**Data shown:**
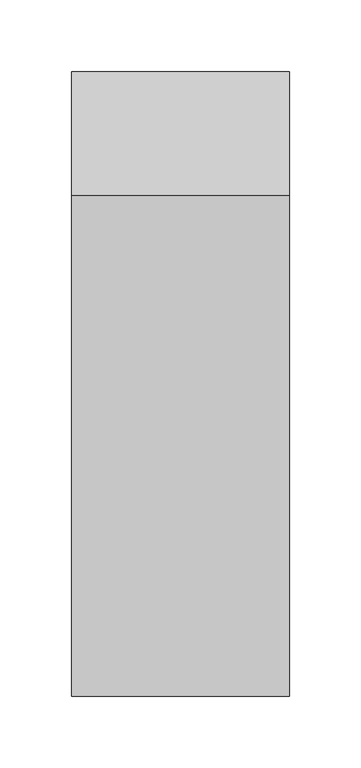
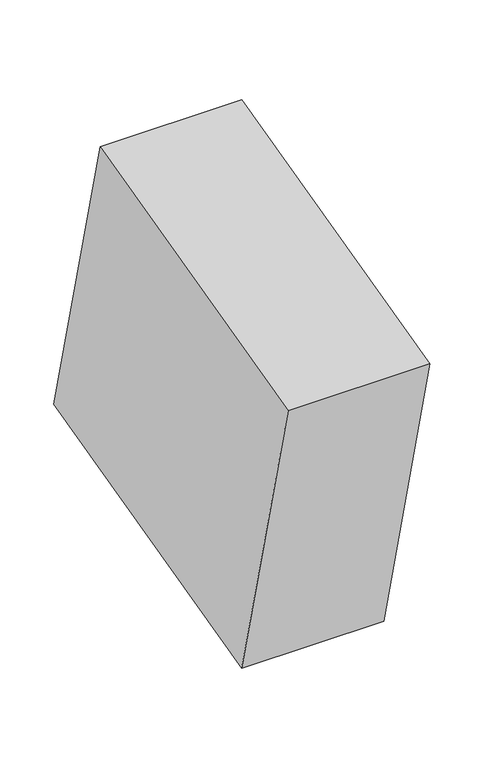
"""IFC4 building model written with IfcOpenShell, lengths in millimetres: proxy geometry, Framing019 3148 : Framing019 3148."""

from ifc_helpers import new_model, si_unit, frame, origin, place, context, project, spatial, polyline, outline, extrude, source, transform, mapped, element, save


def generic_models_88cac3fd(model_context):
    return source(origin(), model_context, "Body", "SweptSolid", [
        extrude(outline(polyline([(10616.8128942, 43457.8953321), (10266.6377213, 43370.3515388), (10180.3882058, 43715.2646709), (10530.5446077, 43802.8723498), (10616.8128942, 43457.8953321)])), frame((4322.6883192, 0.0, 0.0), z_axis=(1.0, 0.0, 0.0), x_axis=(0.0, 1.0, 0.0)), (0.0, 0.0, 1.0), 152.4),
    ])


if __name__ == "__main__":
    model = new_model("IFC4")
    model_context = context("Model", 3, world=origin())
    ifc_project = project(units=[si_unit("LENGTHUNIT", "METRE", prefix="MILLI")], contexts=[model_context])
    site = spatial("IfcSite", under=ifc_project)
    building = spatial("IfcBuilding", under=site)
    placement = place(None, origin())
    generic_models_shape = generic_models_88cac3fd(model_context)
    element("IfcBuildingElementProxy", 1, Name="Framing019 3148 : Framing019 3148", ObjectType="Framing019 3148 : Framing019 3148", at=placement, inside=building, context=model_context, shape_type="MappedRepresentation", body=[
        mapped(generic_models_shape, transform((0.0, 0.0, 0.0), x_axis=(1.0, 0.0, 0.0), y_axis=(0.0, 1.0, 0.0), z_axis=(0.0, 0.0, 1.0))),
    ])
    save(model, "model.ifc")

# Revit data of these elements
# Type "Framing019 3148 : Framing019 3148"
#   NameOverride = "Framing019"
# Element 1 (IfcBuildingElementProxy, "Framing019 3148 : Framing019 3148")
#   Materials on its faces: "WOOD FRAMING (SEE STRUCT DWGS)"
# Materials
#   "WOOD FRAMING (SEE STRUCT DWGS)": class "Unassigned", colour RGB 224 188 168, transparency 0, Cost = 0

**About this task:** Your answer must be the lines from the one with "Materials on its" through the last line of the data, repeated exactly and with nothing else.

**Solution to this task:**
#   Materials on its faces: "WOOD FRAMING (SEE STRUCT DWGS)"
# Materials
#   "WOOD FRAMING (SEE STRUCT DWGS)": class "Unassigned", colour RGB 224 188 168, transparency 0, Cost = 0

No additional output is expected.